Supportive medical management of PCF includes:
- Cold compresses.
- Artificial tears: Artificial tears stabilise and thicken pre-corneal tear film and prolong tear film break-up time (BUT), which occurs with dry eye.
- Topical vasoconstrictor/antihistamine: Topical vasoconstrictor/antihistamine may be used for severe itching. On discontinuation, it may cause rebound (recurrence) of symptoms.
- Topical non-steroidal anti-inflammatory agents (NSAIDs): Topical non-steroidal anti-inflammatory agents (NSAIDS) may be used to reduce inflammation.
- Topical antibiotic: Topical antibiotic may be used to prevent superadded bacterial infection.
- Cycloplegic agents: Cycloplegic agents may be used for severe photophobia.
- Mild topical corticosteroids: Mild topical corticosteroids may be used in severe membranous conjunctivitis or patients with marked reduction in vision due to late sub-epithelial opacities. While corticosteroids do assist in reducing inflammation, they do not have any significant impact on natural course of the disease. Taper this treatment slowly to avoid recurrence of corneal opacities. Any patient on topical corticosteroid should be observed for side effects such as elevated intraocular pressure and formation of cataract.
- Topical immune-suppressants (e.g.Tacrolimus ointment): Topical immune-suppressants can inhibit autoimmune inflammatory responses. Tacrolimus is a treatment option for sub-epithelial infiltrates in PCF. Tacrolimus suppresses cellular immunity.

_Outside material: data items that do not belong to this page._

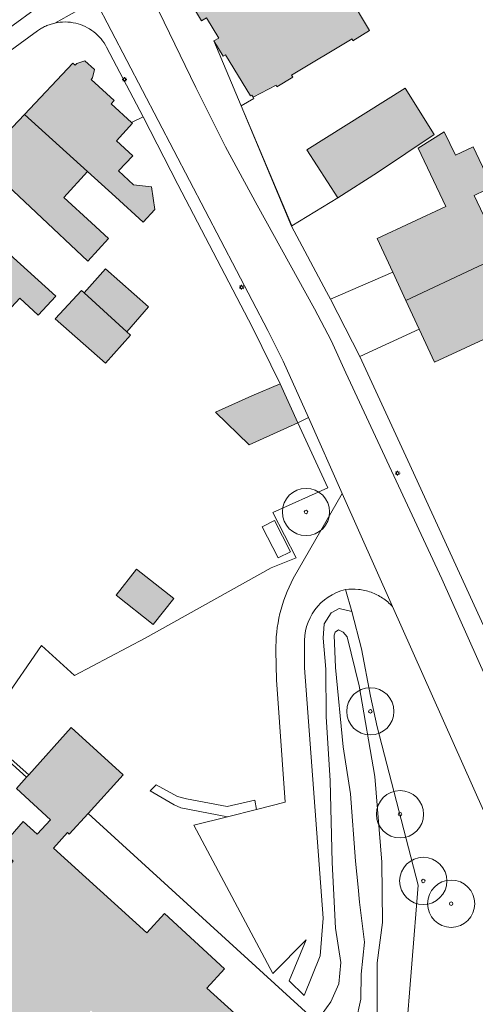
# Model space of a CAD drawing. Header units: metres. Extents: x 187482 to 189800, y 333582 to 335019.
# Tile 164 of 256: x 189033 to 189081, y 333846 to 333950. Entities that reach past the tile are written whole.
import ezdxf

# ---------------------------------------------------------------- set-up
doc = ezdxf.new("R2010")
doc.units = ezdxf.units.M
doc.layers.get('0').update_dxf_attribs({"color": 252, "lineweight": 18})
for name, color, linetype, lineweight in [('B-WE-GR-BEPLANTING_CULTUUR_BOSPLANTSOEN-GV', 252, 'Continuous', 18), ('B-WE-GR-BOOM-S', 252, 'Continuous', 18), ('B-WE-GR-HAAG-G', 252, 'GR-HAAG1-SO', 18), ('B-WE-IE-MEUBILAIR-S', 252, 'Continuous', 18), ('B-WE-IE-TERREINAFSCHEIDING_KUNSTMATIG_HEKWERK-G', 252, 'IE-TERREINAFSCHEIDING_KUNSTMATIG-SO', 18), ('B-WE-IE-TERREINAFSCHEIDING_KUNSTMATIG_MUUR-G', 252, 'IE-TERREINAFSCHEIDING_KUNSTMATIG-SO', 18), ('B-WE-OG-BEBOUWING-GV', 252, 'Continuous', 18), ('B-WE-OG-TERREIN_BEGROEID-GV', 252, 'Continuous', 18), ('B-WE-OG-TERREIN_ERF-GV', 252, 'Continuous', 18), ('B-WE-VH-GESLOTENVERHARDING_ASFALT-GV', 252, 'Continuous', 18), ('B-WE-VH-HALFVERHARDING-GV', 252, 'Continuous', 18), ('B-WE-VH-OPENVERHARDING_BETONSTRAATSTEEN-GV', 252, 'Continuous', 18), ('B-WE-VH-OPENVERHARDING_STRAATBAKSTEEN-GV', 252, 'Continuous', 18), ('B-WE-VH-OPENVERHARDING_TEGEL-GV', 252, 'Continuous', 18)]:
    doc.layers.add(name, color=color, linetype=linetype, lineweight=lineweight)
doc.layers.add('B-WE-OG-BEBOUWING-V', color=7, linetype='Continuous', lineweight=18, true_color=0xf0f0f0)
doc.linetypes.add('GR-HAAG1-SO', pattern='A,6,[176,NLCS.SHX,S=0.125,R=0,X=0,Y=0],-2', length=8)
doc.linetypes.add('IE-TERREINAFSCHEIDING_KUNSTMATIG-SO', pattern='A,4,[82,NLCS.SHX,S=0.75,R=90,X=0,Y=0],4,-2', length=10)

# ---------------------------------------------------------------- blocks, each defined once
blk = doc.blocks.new('SIE-MEUBILAIR_PAAL_LICHTMAST-SO')
for points in [[(-0.62, 0), (-1, 0)], [(-0.71, 0.71), (-0.44, 0.44)], [(0, 1), (0, 0.62)], [(0.44, 0.44), (0.71, 0.71)], [(1, 0), (0.62, 0)], [(-0.71, -0.71), (-0.44, -0.44)], [(0, -0.62), (0, -1)], [(0.44, -0.44), (0.71, -0.71)]]:
    blk.add_lwpolyline(points)
blk.add_circle((0, 0), 0.5)
blk = doc.blocks.new('SGR-BOOM_GBKN-SO')
at = {"color": 0, "linetype": 'ByBlock', "lineweight": 18}
for radius in [2, 0.15]:
    blk.add_circle((0, 0), radius, dxfattribs=at)

msp = doc.modelspace()

# ---------------------------------------------------------------- hatches: boundary and pattern name
at = {"layer": 'B-WE-OG-BEBOUWING-V'}
h = msp.add_hatch(color=256, dxfattribs=at)
h.dxf.hatch_style = 1
h.paths.add_polyline_path([(189047.942, 333956.067), (189050.999, 333951.327), (189050.828, 333951.221), (189051.798, 333949.629), (189052.31, 333949.941), (189053.611, 333947.806), (189053.099, 333947.494), (189054.077, 333945.889), (189054.316, 333946.034), (189056.97, 333941.679), (189057.107, 333941.762), (189057.25, 333941.528), (189059.68, 333942.816), (189059.773, 333942.633), (189061.447, 333943.667), (189061.322, 333943.864), (189067.724, 333947.701), (189067.795, 333947.506), (189069.567, 333948.583), (189063.103, 333959.429), (189060.49, 333963.692), (189060.173, 333963.474), (189060.198, 333963.349), (189058.828, 333962.505), (189058.686, 333962.735), (189058.278, 333962.482), (189058.42, 333962.252), (189057.817, 333961.877), (189057.674, 333962.107), (189057.266, 333961.854), (189057.835, 333960.908), (189054.403, 333958.805), (189053.818, 333959.759)], flags=17)
h = msp.add_hatch(color=256, dxfattribs=at)
h.dxf.hatch_style = 1
h.paths.add_polyline_path([(189033.067, 333939.725), (189039.721, 333933.677), (189042.667, 333930.999), (189045.613, 333928.321), (189046.834, 333929.656), (189046.498, 333932.056), (189044.595, 333932.276), (189043.011, 333933.732), (189044.516, 333935.353), (189042.801, 333936.927), (189044.481, 333938.776), (189044.381, 333938.867), (189042.219, 333940.828), (189042.545, 333941.187), (189040.099, 333943.411), (189040.254, 333943.581), (189040.472, 333944.462), (189039.456, 333945.374), (189038.582, 333945.098), (189038.425, 333944.939), (189038.172, 333945.157)], flags=17)
h = msp.add_hatch(color=256, dxfattribs=at)
h.dxf.hatch_style = 1
h.paths.add_polyline_path([(189062.94, 333935.967), (189066.21, 333930.883), (189070.415, 333933.588), (189076.411, 333937.596), (189073.328, 333942.507)], flags=17)
h = msp.add_hatch(color=256, dxfattribs=at)
h.dxf.hatch_style = 1
h.paths.add_polyline_path([(189039.721, 333933.677), (189033.067, 333939.725), (189030.487, 333936.979), (189030.654, 333936.821), (189028.777, 333934.505), (189039.76, 333924.185), (189041.958, 333926.594), (189040.153, 333928.244), (189037.204, 333930.94)], flags=17)
h = msp.add_hatch(color=256, dxfattribs=at)
h.dxf.hatch_style = 1
h.paths.add_polyline_path([(189083.629, 333924.817), (189080.657, 333931.142), (189081.811, 333931.686), (189082.155, 333932.863), (189080.55, 333936.281), (189078.654, 333935.391), (189077.488, 333937.861), (189074.709, 333936.142), (189077.635, 333929.961), (189070.372, 333926.59), (189072.033, 333923.01), (189073.411, 333920.041), (189081.084, 333923.628)], flags=17)
h = msp.add_hatch(color=256, dxfattribs=at)
h.dxf.hatch_style = 1
h.paths.add_polyline_path([(189030.348, 333917.89), (189032.553, 333920.273), (189034.5, 333918.46), (189036.367, 333920.474), (189024.736, 333931.012), (189024.943, 333931.3), (189024.524, 333931.662), (189020.405, 333927.124)], flags=17)
h = msp.add_hatch(color=256, dxfattribs=at)
h.dxf.hatch_style = 1
h.paths.add_polyline_path([(189083.629, 333924.817), (189081.084, 333923.628), (189073.411, 333920.041), (189074.823, 333917), (189076.455, 333913.483), (189083.022, 333916.531), (189083.996, 333914.462), (189088.112, 333916.399), (189084.055, 333925.017)], flags=17)
h = msp.add_hatch(color=256, dxfattribs=at)
h.dxf.hatch_style = 1
h.paths.add_polyline_path([(189043.887, 333916.695), (189046.187, 333919.353), (189041.633, 333923.386), (189039.381, 333920.825)], flags=17)
h = msp.add_hatch(color=256, dxfattribs=at)
h.dxf.hatch_style = 1
h.paths.add_polyline_path([(189039.381, 333920.825), (189039.089, 333921.092), (189036.297, 333918.096), (189041.609, 333913.377), (189044.256, 333916.358), (189043.887, 333916.695)], flags=17)
h = msp.add_hatch(color=256, dxfattribs=at)
h.dxf.hatch_style = 1
h.paths.add_polyline_path([(189060.129, 333911.219), (189057.12, 333909.921), (189053.255, 333908.204), (189056.823, 333904.751), (189061.988, 333907.062)], flags=17)
h = msp.add_hatch(color=256, dxfattribs=at)
h.dxf.hatch_style = 1
h.paths.add_polyline_path([(189042.751, 333888.837), (189046.681, 333885.746), (189048.845, 333888.497), (189044.915, 333891.588)], flags=17)
h = msp.add_hatch(color=256, dxfattribs=at)
h.dxf.hatch_style = 1
h.paths.add_polyline_path([(189042.854, 333799.537), (189042.306, 333798.18), (189046.708, 333796.395), (189046.694, 333796.201), (189046.722, 333796.009), (189046.79, 333795.827), (189046.894, 333795.663), (189047.031, 333795.525), (189047.193, 333795.419), (189047.374, 333795.35), (189047.566, 333795.32), (189047.845, 333795.317), (189048.115, 333795.385), (189048.358, 333795.52), (189048.559, 333795.713), (189048.658, 333795.905), (189048.733, 333796.216), (189048.718, 333796.536), (189048.613, 333796.839), (189048.427, 333797.1), (189061.347, 333829.219), (189061.797, 333829.404), (189062.203, 333829.674), (189062.548, 333830.017), (189062.819, 333830.421), (189063.005, 333830.871), (189063.1, 333831.348), (189063.1, 333831.835), (189063.004, 333832.312), (189062.817, 333832.761), (189062.546, 333833.165), (189062.201, 333833.508), (189061.795, 333833.777), (189063.034, 333835.152), (189061.548, 333836.491), (189062.752, 333837.828), (189052.341, 333847.259), (189054.207, 333849.297), (189047.858, 333855.129), (189045.99, 333853.095), (189036.105, 333862.062), (189037.606, 333863.711), (189037.787, 333863.534), (189039.775, 333865.723), (189043.499, 333869.821), (189037.99, 333874.814), (189033.495, 333869.815), (189033.265, 333869.56), (189032.194, 333868.368), (189035.788, 333865.069), (189034.394, 333863.536), (189032.912, 333864.883), (189030.37, 333861.995), (189031.85, 333860.696), (189019.865, 333847.13), (189019.205, 333847.713), (189018.768, 333847.218), (189019.428, 333846.636), (189017.595, 333844.606), (189016.942, 333845.196), (189016.5, 333844.706), (189017.093, 333844.17), (189015.377, 333842.087), (189014.724, 333842.664), (189014.291, 333842.175), (189014.944, 333841.597), (189013.08, 333839.491), (189011.76, 333840.659), (189012.337, 333841.312), (189011.923, 333841.671), (189009.112, 333838.45), (189008.901, 333838.208), (189008.714, 333837.994), (189012.213, 333834.902), (189011.418, 333833.871), (189013.952, 333831.595), (189014.747, 333832.517), (189016.029, 333831.405), (189015.518, 333830.857), (189015.993, 333830.414), (189016.337, 333830.783), (189016.504, 333830.962), (189016.634, 333830.863), (189018.947, 333833.465), (189019.616, 333832.894), (189020.059, 333833.371), (189019.39, 333833.942), (189020.772, 333835.521), (189027.503, 333829.405), (189029.815, 333832.017), (189030.301, 333831.598), (189030.739, 333832.097), (189030.26, 333832.51), (189032.657, 333835.231), (189033.134, 333834.816), (189033.579, 333835.3), (189033.102, 333835.715), (189035.441, 333838.414), (189034.831, 333838.944), (189040.088, 333844.869), (189043.541, 333841.733), (189044.275, 333841.066), (189055.694, 333830.695), (189055.331, 333830.133), (189055.038, 333829.678)], flags=17)
h.paths.add_polyline_path([(189016.189, 333859.359), (189018.422, 333861.494), (189015.88, 333863.854), (189013.648, 333861.718)], flags=16)

# ---------------------------------------------------------------- linework, layer by layer
at = {"layer": 'B-WE-GR-BEPLANTING_CULTUUR_BOSPLANTSOEN-GV', "flags": 128}
for points in [[(189061.497, 333890.595), (189066.669, 333899.613), (189063.111, 333907.656), (189061.988, 333907.062), (189065.144, 333900.191), (189059.339, 333897.597), (189061.818, 333892.794), (189059.146, 333891.74), (189045.816, 333884.28), (189038.358, 333880.321), (189034.84, 333883.495), (189026.572, 333871.513)], [(189064.573, 333844.54), (189065.491, 333845.812), (189066.325, 333847.718), (189066.545, 333849.942), (189065.96, 333853.593), (189065.757, 333857.789), (189065.623, 333860.542), (189065.406, 333869.195), (189064.975, 333876.011), (189064.949, 333881), (189064.668, 333884.287), (189064.753, 333885.804), (189065.5, 333886.974), (189066.354, 333887.443), (189067.702, 333887.098), (189067.024, 333889.437)], [(189073.377, 333841.481), (189074.716, 333858.158), (189070.393, 333874.897), (189069.673, 333878.156), (189068.722, 333883.156), (189067.702, 333887.098), (189066.354, 333887.443), (189065.5, 333886.974), (189064.753, 333885.804), (189064.668, 333884.287), (189064.949, 333881), (189064.975, 333876.011), (189065.406, 333869.195), (189065.623, 333860.542), (189065.757, 333857.789), (189065.96, 333853.593), (189066.545, 333849.942), (189066.325, 333847.718), (189065.491, 333845.812), (189064.573, 333844.54)], [(189070.375, 333843.212), (189070.369, 333849.93), (189070.962, 333854.204), (189070.86, 333860.564), (189070.116, 333869.66), (189068.489, 333879.235), (189067.209, 333884.437), (189066.777, 333884.915), (189066.284, 333885.177), (189065.95, 333884.928), (189065.817, 333884.599), (189065.973, 333881.186), (189066.771, 333872.779), (189067.558, 333867.82), (189068.088, 333860.694), (189068.358, 333857.916), (189068.512, 333856.337), (189069.029, 333852.1), (189068.702, 333848.707), (189068.638, 333846.067), (189068.12, 333843.666)], [(189068.12, 333843.666), (189068.638, 333846.067), (189068.702, 333848.707), (189069.029, 333852.1), (189068.512, 333856.337), (189068.358, 333857.916), (189068.088, 333860.694), (189067.558, 333867.82), (189066.771, 333872.779), (189065.973, 333881.186), (189065.817, 333884.599), (189065.95, 333884.928), (189066.284, 333885.177), (189066.777, 333884.915), (189067.209, 333884.437), (189068.489, 333879.235), (189070.116, 333869.66), (189070.86, 333860.564), (189070.962, 333854.204), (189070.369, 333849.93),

- Ophthalmic antiseptics (e.g.Povidone-iodine): Ophthalmic antiseptics are broad-spectrum germicidal agents. Povidone-iodine has broad antibacterial and antiviral activity. Povidone iodine may be used to reduce the duration of disease.
Surgery is extremely rare for PCF and is reserved for severe cases with cicatricial conjunctivitis or symblepharon.
If surgery is necessary, it is mainly in the form of:
- Excimer laser photo-therapeutic keratectomy (PTK): Excimer laser photo-therapeutic keratectomy (PTK), along with low-dose mitomycin C (MMC), may be used to remove sub-epithelial opacities.
- Membrane or pseudomembrane removal: Membrane or pseudomembrane may be peeled off gently and a topical corticosteroid may be prescribed.
- Fornix reconstruction.
- Entropion repair.
Most cases of PCF are acute, benign and self-limiting. Infection usually resolves spontaneously within 2-3 weeks.
Sub-epithelial infiltrates may last for months together and may decrease vision if visual axis is involved.
Potential complications of PCF are:
- Punctate keratitis.
- Sub-epithelial infiltrates.
- Superadded bacterial infection.
- Chronic infection.
-Corticosteroid induced protracted clinical course with prolonged corneal opacification.
Pharyngoconjunctival fever is a highly contagious disease and since there is no effective treatment, prevention is important to tackle disease. Virus can spread by contact with infected surfaces or objects. A patient can spread disease agents by touching infected eyes and then touching objects. Objects that come into contact with eyes, such as cosmetics, should not be shared. A person may be contagious for two weeks or more after onset of symptoms, and therefore, should avoid return to work or school.
Preventive measures include:
- Patients should not touch others and not to share tissues, towels, pillows, clothing or handkerchiefs and should wash hands frequently as long as the eye is red.
- Eye care professionals should wash their hands thoroughly after examining any patient. As a routine, they should wash their hands before seeing all patients.
- Health care workers caring for immune-compromised individuals are precluded from patient contact for up to two weeks to avoid transmission of infection.
- Ophthalmic instruments should be properly cleaned and sterilised.
- A ‘red eye room’ may be created to separate out red eye patients from other patients.
-Other family members of the patient may be educated about the disease.